I would just get one super sub and port it if I were you. 

Maybe one of the DD models? RE was mentioned. Maybe a Fi Q if those work ported.


----------



## DonutHands (Jan 27, 2006)

go with the mach 5 audio. you are not gonna find a bunch of info on them as they have not been around long and they do not do much business. but when you do find info it is usually good. ive read good things on the 18" subs on home theatre forums.


----------



## yermolovd (Oct 10, 2005)

if you are not yet on there, go to www.canadiancaraudio.com/online and visit the for sale section. most of the gear there is either ****ty or spl oriented, with some occasionally nice pieces.  
There you'll find dd woofers and other spl gear.


----------



## dogstar (Jan 31, 2007)

yermolovd said:


> if you are not yet on there, go to www.canadiancaraudio.com/online and visit the for sale section. most of the gear there is either ****ty or spl oriented, with some occasionally nice pieces.
> There you'll find dd woofers and other spl gear.


And a butt load of spamvertising, unless they drastically changed things recently.

Buying anything decent here in Canada is rough, Devildriver summed it up pretty damn well.
And often when you do find things used on the forum, it is just as cheap to bring it up and pay at the border to get a new product.

That said, I know of a DD 95xx for sale in Edmonton, and a Beyond Inhuman for sale in Calgary.


----------



## W O T (Mar 13, 2008)

W O T said:


> Or these are cheap. $100 each. Run 2-4 10's....
> 
> http://www.creativesound.ca/index.html (there listed on the preorder homepage)
> http://www.creativesound.ca/details.php?model=SDX10
> ...


Any info on whether or not these will work? Would they not hit low and still give that tight punchy bass Im looking for with a cheap price tag. is there a 2-4 sub configuration I can run with them? I cant seemt o find any info, and Im not good with that info anyways. Ohms and inpedance I dont understand.

I know of a local place that distributes treo and such, I noticed someone just mentioned an Inhuman, Ive heard 2 18's of those with a 4000watt visonik amp in a dakota, disgutingly loud.

I think Im going to stay away from mach 5 because Ive seen a few failure threads, and there inability to hit the SPL levels I think I want/


----------



## W O T (Mar 13, 2008)

The SDX15 looks pretty serious aswell, what ohm rating is it? Kind of in a toss up between it and the SDX10 for $120 shipped each, the SDX 15 is $260 shipped.

I need more opinions on how I can make them work for my goals, and with my amplifiers though, cause like I said, I dont understand the ohms and voilce coils etc.

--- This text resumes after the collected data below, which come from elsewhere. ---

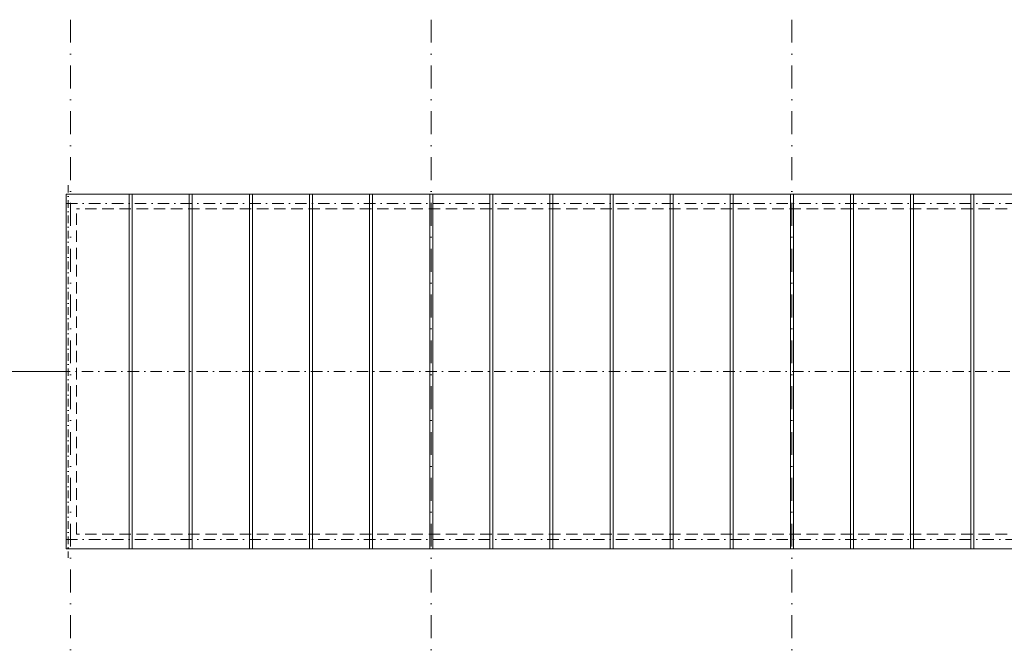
# Model space of a CAD drawing. Header units: millimetres. Extents: x -916886 to 3713765, y -2985421 to 1675785.
# Tile 120 of 256: x 11155 to 27533, y 254394 to 264800. Entities that reach past the tile are written whole.
import ezdxf

# ---------------------------------------------------------------- set-up
doc = ezdxf.new("R2010")
doc.units = ezdxf.units.MM
for name, pattern in [('CENTERX2', [101.6, 63.5, -12.7, 12.7, -12.7]), ('DASHDOT', [25.4, 12.7, -6.35, 0, -6.35]), ('ČÁRKOVANÁ', [19.05, 12.7, -6.35])]:
    doc.linetypes.add(name, pattern=pattern)
for name, color, linetype, lineweight in [('A99_S_kce-demolice', 30, 'Continuous', 20), ('A99_S_kce-pohl', 7, 'Continuous', 5), ('A99_S_osy', 1, 'CENTERX2', 5)]:
    doc.layers.add(name, color=color, linetype=linetype, lineweight=lineweight)

msp = doc.modelspace()

# ---------------------------------------------------------------- linework, layer by layer
at = {"layer": 'A99_S_kce-demolice', "color": 7, "linetype": 'Continuous', "lineweight": 9}
for p, q in [((12975, 255995), (12975, 261905)), ((13025, 255995), (13025, 261905)), ((13975, 255995), (13975, 261905)), ((14025, 255995), (14025, 261905)), ((14975, 255995), (14975, 261905)), ((15025, 255995), (15025, 261905)), ((15975, 255995), (15975, 261905)), ((16025, 255995), (16025, 261905)), ((16975, 255995), (16975, 261905)), ((17025, 255995), (17025, 261905)), ((17975, 255995), (17975, 261905)), ((18025, 255995), (18025, 261905)), ((18975, 255995), (18975, 261905)), ((19025, 255995), (19025, 261905)), ((19975, 255995), (19975, 261905)), ((20025, 255995), (20025, 261905)), ((20975, 255995), (20975, 261905)), ((21025, 255995), (21025, 261905)), ((21975, 255995), (21975, 261905)), ((22025, 255995), (22025, 261905)), ((22975, 255995), (22975, 261905)), ((23025, 255995), (23025, 261905)), ((23975, 255995), (23975, 261905)), ((24025, 255995), (24025, 261905)), ((24975, 255995), (24975, 261905)), ((25025, 255995), (25025, 261905)), ((25975, 255995), (25975, 261905)), ((26025, 255995), (26025, 261905)), ((26975, 255995), (26975, 261905)), ((27025, 255995), (27025, 261905))]:
    msp.add_line(p, q, dxfattribs=at)
at = {"layer": 'A99_S_kce-demolice', "color": 7, "linetype": 'Continuous', "lineweight": 13}
msp.add_lwpolyline([(144620, 256000), (144620, 261900), (11930, 261900), (11930, 256000)], close=True, dxfattribs=at)
at = {"layer": 'A99_S_kce-demolice', "color": 7, "linetype": 'ČÁRKOVANÁ', "lineweight": 9, "ltscale": 15}
for points in [[(144450, 261655.3), (12100, 261655.3)], [(12100, 256244.7), (12100, 261655.3)], [(144450, 256244.7), (12100, 256244.7)]]:
    msp.add_lwpolyline(points, dxfattribs=at)
at = {"layer": 'A99_S_kce-demolice', "color": 7, "linetype": 'Continuous', "lineweight": 9}
for points in [[(12975, 259325), (12975, 259145)], [(13025, 259325), (13025, 259145)], [(13975, 259325), (13975, 259145)], [(14025, 259325), (14025, 259145)], [(15975, 259325), (15975, 259145)], [(16025, 259325), (16025, 259145)], [(17975, 259320), (17975, 259140)], [(18025, 259320), (18025, 259140)], [(18975, 259325), (18975, 259145)], [(19025, 259325), (19025, 259145)], [(19975, 259325), (19975, 259145)], [(20025, 259325), (20025, 259145)], [(20975, 259325), (20975, 259145)], [(21025, 259325), (21025, 259145)], [(21975, 259325), (21975, 259145)], [(22025, 259325), (22025, 259145)], [(22975, 259325), (22975, 259145)], [(23025, 259325), (23025, 259145)], [(23975, 259325), (23975, 259145)], [(24025, 259325), (24025, 259145)], [(24975, 259325), (24975, 259145)], [(25025, 259325), (25025, 259145)], [(25975, 259325), (25975, 259145)], [(26025, 259325), (26025, 259145)], [(26975, 259325), (26975, 259145)], [(27025, 259325), (27025, 259145)]]:
    msp.add_lwpolyline(points, dxfattribs=at)
at = {"layer": 'A99_S_kce-demolice', "color": 7, "linetype": 'ČÁRKOVANÁ', "lineweight": 9, "ltscale": 3}
for points in [[(14975, 259325), (14975, 259145)], [(15025, 259325), (15025, 259145)], [(16975, 259325), (16975, 259145)], [(17025, 259325), (17025, 259145)]]:
    msp.add_lwpolyline(points, dxfattribs=at)
at = {"layer": 'A99_S_kce-pohl', "color": 7, "linetype": 'Continuous', "lineweight": 9}
msp.add_lwpolyline([(11930, 258950), (5750, 258950)], dxfattribs=at)
at = {"layer": 'A99_S_osy', "color": 7, "linetype": 'DASHDOT', "lineweight": 5, "ltscale": 10}
msp.add_line((11960, 262050), (11960, 255850), dxfattribs=at)
at = {"layer": 'A99_S_osy', "linetype": 'DASHDOT', "lineweight": 5, "ltscale": 30}
for points in [[(12000, 264800), (12000, 176462.5)], [(18000, 264800), (18000, 175430)], [(24000, 264800), (24000, 176462.5)]]:
    msp.add_lwpolyline(points, dxfattribs=at)
at = {"layer": 'A99_S_osy', "color": 7, "linetype": 'DASHDOT', "lineweight": 5, "ltscale": 15}
for points in [[(144740, 261745), (11865, 261745)], [(144620, 258950), (11930, 258950)], [(144740, 256155), (11865, 256155)]]:
    msp.add_lwpolyline(points, dxfattribs=at)

doc.saveas('drawing.dxf')
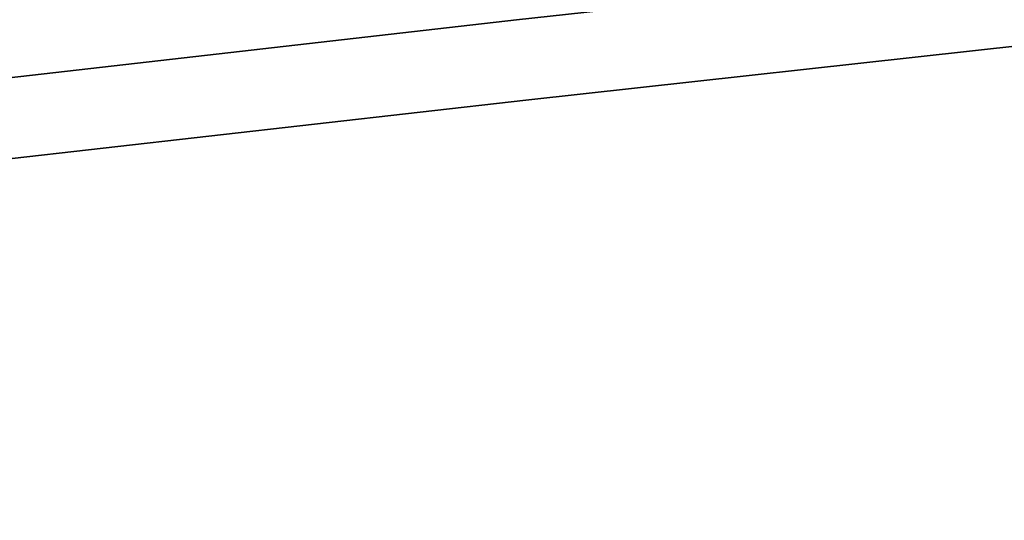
# Model space of a CAD drawing. Header units: millimetres. Extents: x 0 to 16721, y 217 to 10981.
# Tile 28 of 256: x 4705 to 5108, y 5550 to 5756. Entities that reach past the tile are written whole.
import ezdxf

# ---------------------------------------------------------------- set-up
doc = ezdxf.new("R2010")
doc.units = ezdxf.units.MM
doc.layers.add('PDF_PSS & TL', color=7, linetype='Continuous', true_color=0x7fffdf)

msp = doc.modelspace()

# ---------------------------------------------------------------- linework, layer by layer
at = {"layer": 'PDF_PSS & TL', "color": 2, "lineweight": 25}
for points in [[(9273.8, 6206.43), (8855.61, 6164.59), (8459.38, 6123.26), (8049.25, 6082.46), (7671.08, 6044.9), (7214.04, 5998.12), (6851.98, 5959.65), (6480.32, 5923.65), (6140.62, 5888.57), (5723.73, 5845.55), (5362.32, 5805.66), (4908.52, 5755.49), (4580.39, 5718.07), (4217.82, 5676.74), (3806.65, 5630.35), (3387.81, 5583.17)], [(3387.81, 5583.17), (3806.65, 5630.35), (4217.82, 5676.74), (4580.39, 5718.07), (4908.52, 5755.49), (5362.32, 5805.66), (5723.73, 5845.55), (6140.62, 5888.57), (6480.32, 5923.65), (6851.98, 5959.65), (7214.04, 5998.12), (7671.08, 6044.9), (8049.25, 6082.46), (8459.38, 6123.26), (8855.61, 6164.59), (9273.8, 6206.43)], [(9277.05, 6173.55), (8858.99, 6131.84), (8462.63, 6090.38), (8052.5, 6049.71), (7674.46, 6012.02), (7217.41, 5965.24), (6855.36, 5926.77), (6483.56, 5890.9), (6143.99, 5855.82), (5727.23, 5812.8), (5365.83, 5772.78), (4912.29, 5722.61), (4584.16, 5685.32), (4221.46, 5643.99), (3810.41, 5597.47), (3391.57, 5550.43)], [(3391.57, 5550.43), (3810.41, 5597.47), (4221.46, 5643.99), (4584.16, 5685.32), (4912.29, 5722.61), (5365.83, 5772.78), (5727.23, 5812.8), (6143.99, 5855.82), (6483.56, 5890.9), (6855.36, 5926.77), (7217.41, 5965.24), (7674.46, 6012.02), (8052.5, 6049.71), (8462.63, 6090.38), (8858.99, 6131.84), (9277.05, 6173.55)]]:
    msp.add_lwpolyline(points, dxfattribs=at)

doc.saveas('drawing.dxf')

Dont know what works. 

4 10's or 2 15's would be pretty cool, dont know how LOW those 10's hit though, seem to have a lot of Xmax


----------



## W O T (Mar 13, 2008)

little nudge up there


----------



## jj_diamond (Oct 3, 2007)

http://www.diymobileaudio.com/forum/showthread.php?t=34202

why do you keep posting threads for advice?

just buy 2 or 4 15's already.


----------



## W O T (Mar 13, 2008)

Becuase I changed my mind. As you can see Im KIND of set of the SDX 10 or 15, but am unsure of what I can use with my amps, and if the tens will suit my SPL needs, they seem to have the xmax and need a big ported box, but why do they only run off 250 watts?

My last couple posts explained it better


----------



## W O T (Mar 13, 2008)

And because the SDX15 is Dual 2ohm, and takes 1000rms. I would have to strap my amps together (2000 @ 2 ohm but still only gives me 1 positive connection and one negative connection) Could 2 of those subs be wired to my amps?

OR

Is it possible to wire 4 single voice coil 4 ohm woofers up to ONE of my TXA amps, that would put them at there peek rated power if I could do that.

I still need some info on whether or not they can produce the sound I am looking for.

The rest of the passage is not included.